Nelson, the two external functions in question
(PR_EmudateAcceptRead and PR_EmulateSendFile) are
defined in another shared library (libnspr4.so/nspr4.dll).
Perhaps the compiler doesn't consider the functions'
addresses constant because of the relocation of shared
libraries.  This patch is my alternate patch described
in bug 318217 comment 1 and proposed in bug 318217 comment
2, although the constness of external function symbols
wasn't the reason I proposed this alternate patch then.
Attachment #222052 - Flags: superreview?(rrelyea)
Attachment #222052 - Flags: review?(nelson)
*** Bug 338015 has been marked as a duplicate of this bug. ***
My vote is to mark this bug invalid.
This seems to be a compiler bug.
The code is correct.
We're able to compile it with gcc on numerous platforms, including linux.
The fact that a certain version of gcc is unable to properly build it 
should not cause us to change correct code.
I think the submittor should get a working gcc.
The way that calls to other shared libs are handled on all Windows platforms
is that a table of JUMP instructions is created at the beginning (or end) 
of each shared lib.  Those jump instructions jump to functions in other
shared libs.  The run time loader changes the addresses in those jump 
instructs when the shared lib is loaded.  Inside the share lib, calls to
those other shared libs' functions emit code to call the jump instruction
in the local shared lib.  The address of the jump instruction in the local
shared lib is always a constant.  

So, the compiler that claims that the address of an external function is 
not a constant is just broken.  It needs to be replaced.
Comment on attachment 222052 [details] [diff] [review]
Proposed patch

I oppose forcing the NSS developers to reduce the subset of valid C
that they may use when coding NSS, every time that some broken c
compiler is found in the wild.  
I think we must stand our ground and force the eradication of such
compilers.
Attachment #222052 - Flags: review?(nelson) → review-
Comment on attachment 222052 [details] [diff] [review]
Proposed patch

My build completes with this patch.
(In reply to comment #9)
> (From update of attachment 222052 [details] [diff] [review] [edit])
> My build completes with this patch.

Chris,

Which version of gcc are you using?

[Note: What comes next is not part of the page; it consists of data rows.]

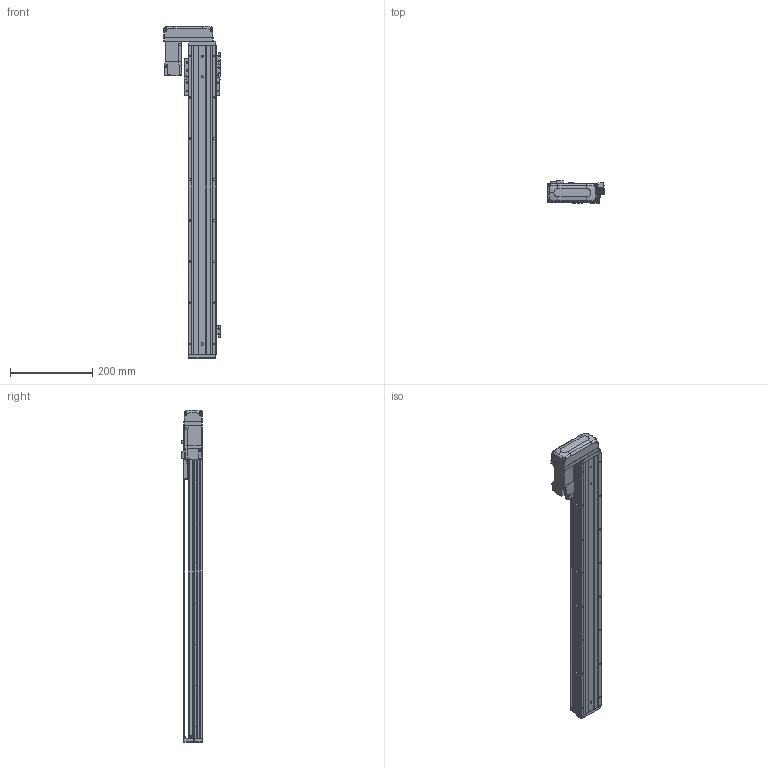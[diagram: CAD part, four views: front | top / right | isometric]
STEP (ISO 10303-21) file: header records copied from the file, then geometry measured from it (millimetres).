
FILE_DESCRIPTION (( 'STEP AP203' ), '1' );
FILE_NAME ('KTHAL60-600-BR-M10-C4L.step', '2022-03-19T08:45:09', ( '微软用户' ), ( '微软中国' ), 'SwSTEP 2.0', 'SolidWorks 2020', '' );
FILE_SCHEMA (( 'CONFIG_CONTROL_DESIGN' ));
Length unit declared in the file: millimetre
Products named in the file (18): EE_SX911P_R; HG-KR13（三菱）; KTHA60-001_750; CTHA60-017; CTHA60-015-2_CTHA60-015-2; KTHLA60-002; CTHA60-021; CTHA60-033; KTHA60-004; GBT 70.1-M4×16; GBT 70.1-M3×15; KTHA60-005; GBT77-2000M3-3; KTHAL60-600-BR-M10-C4L; GB¨uT 70.2-M3¡Á5_M3¡Á6; GBT 70.1-M3℅6; GBT 70.3-M3℅6; CTHA60-016
Assembly tree (51 placements, depth 2):
  KTHAL60-600-BR-M10-C4L
    KTHA60-001_750
    KTHLA60-002
    KTHA60-004
    KTHA60-005
    GB¨uT 70.2-M3¡Á5_M3¡Á6  x5
    GBT 70.3-M3℅6  x4
    EE_SX911P_R  x3
    CTHA60-017  x3
    CTHA60-021  x2
    GBT 70.1-M4×16  x10
    GBT77-2000M3-3  x6
    GBT 70.1-M3℅6  x6
    CTHA60-016
    HG-KR13（三菱）
    CTHA60-015-2_CTHA60-015-2
    CTHA60-033
    GBT 70.1-M3×15  x4
Bounding box: 137.82 x 52.3 x 807 mm (x, y, z)
Volume: 1698529 mm3; surface area: 419584.2 mm2
Topology: 54 solids, 54 shells, 2315 faces, 5499 edges, 3377 vertices
Faces by surface type: plane 1324, cylinder 565, cone 288, torus 98, bspline 26, sphere 14
Entity records: 40639 total; most frequent: CARTESIAN_POINT 7672, DIRECTION 6353, ORIENTED_EDGE 6142, EDGE_CURVE 3071, AXIS2_PLACEMENT_3D 2125, LINE 2103, VECTOR 2103, VERTEX_POINT 1926

I'm on v3.4.5, and can downgrade to v3.4.2, but I'd rather know which version(s) are supported by NSS before I spend all my time finding out the hard way. 
Nelson, I don't have time to do more than proposing
a workaround.

David, Chris, Bengt-Erik: perhaps you can demonstrate
to Nelson that you have made a reasonable effort to
contact the MinGW maintainers and have this MinGW bug
fixed.

Comment on attachment 222052 [details] [diff] [review]
Proposed patch

This patch fixes my build
I found that this problem is documented in the GCC manual.
For example, in
http://gcc.gnu.org/onlinedocs/gcc-3.3.6/gcc/Function-Attributes.html#index-g_t_0040code_007b_005f_005fdeclspec_0028dllimport_0029_007d-1639

dllimport

    ...

    One drawback to using this attribute is that a pointer
    to a function or variable marked as dllimport cannot be
    used as a constant address. The attribute can be disabled
    for functions by setting the -mnop-fun-dllimport flag.
This blog entry explains what __declspec(dllimport) does:
http://blogs.msdn.com/larryosterman/archive/2004/12/14/301225.aspx

So what Nelson described in comment 7 is the "thunk".  When
we declare a function with __declspec(dllimport), the thunk
isn't generated.  I guess MSVC must have generated the thunk
anyway when the code tries to use a function pointer declared
with __declspec(dllimport) as a constant address.  Perhaps GCC
should do the same.

We can try compiling the sslsock.c file or the whole
mozilla/security/nss/lib/ssl directory with the -mnop-fun-dllimport
flag.
Now that I've got to the bottom of this, I can propose
a second solution.  We manually declare those two functions
without the dllimport attribute, so that their addresses
can be used to initialize the const ssl_methods structure.

David, Chris, please test this patch.

Chris, Nelson, please review this patch.

Nelson, if you don't like this patch either, please let me
know which of the following workarounds is acceptable:
- Compile sslsock.c with the -mnop-fun-dllimport flag.
- If __MINGW32__ is defined, declare ssl_methods without
  const.

I prefer the original proposed patch because it doesn't
require any ifdef in the makefile or C code.
Attachment #222225 - Flags: superreview?(nelson)
Attachment #222225 - Flags: review?(cls)
Wan-Teh, you beat me to the punch. :-)

I'm fine with just adding -mnop-fun-dllimport unconditionally to the NSS build to avoid limiting the NSS developers in other modules.  Adding this flag causes my build to complete (though I can't test it until I can reboot into XP later).
Attachment #222229 - Flags: review?(wtchang)
Comment on attachment 222229 [details] [diff] [review]
Solution 3: add -mnop-fun-dllimport to WIN32.mk

r=wtc.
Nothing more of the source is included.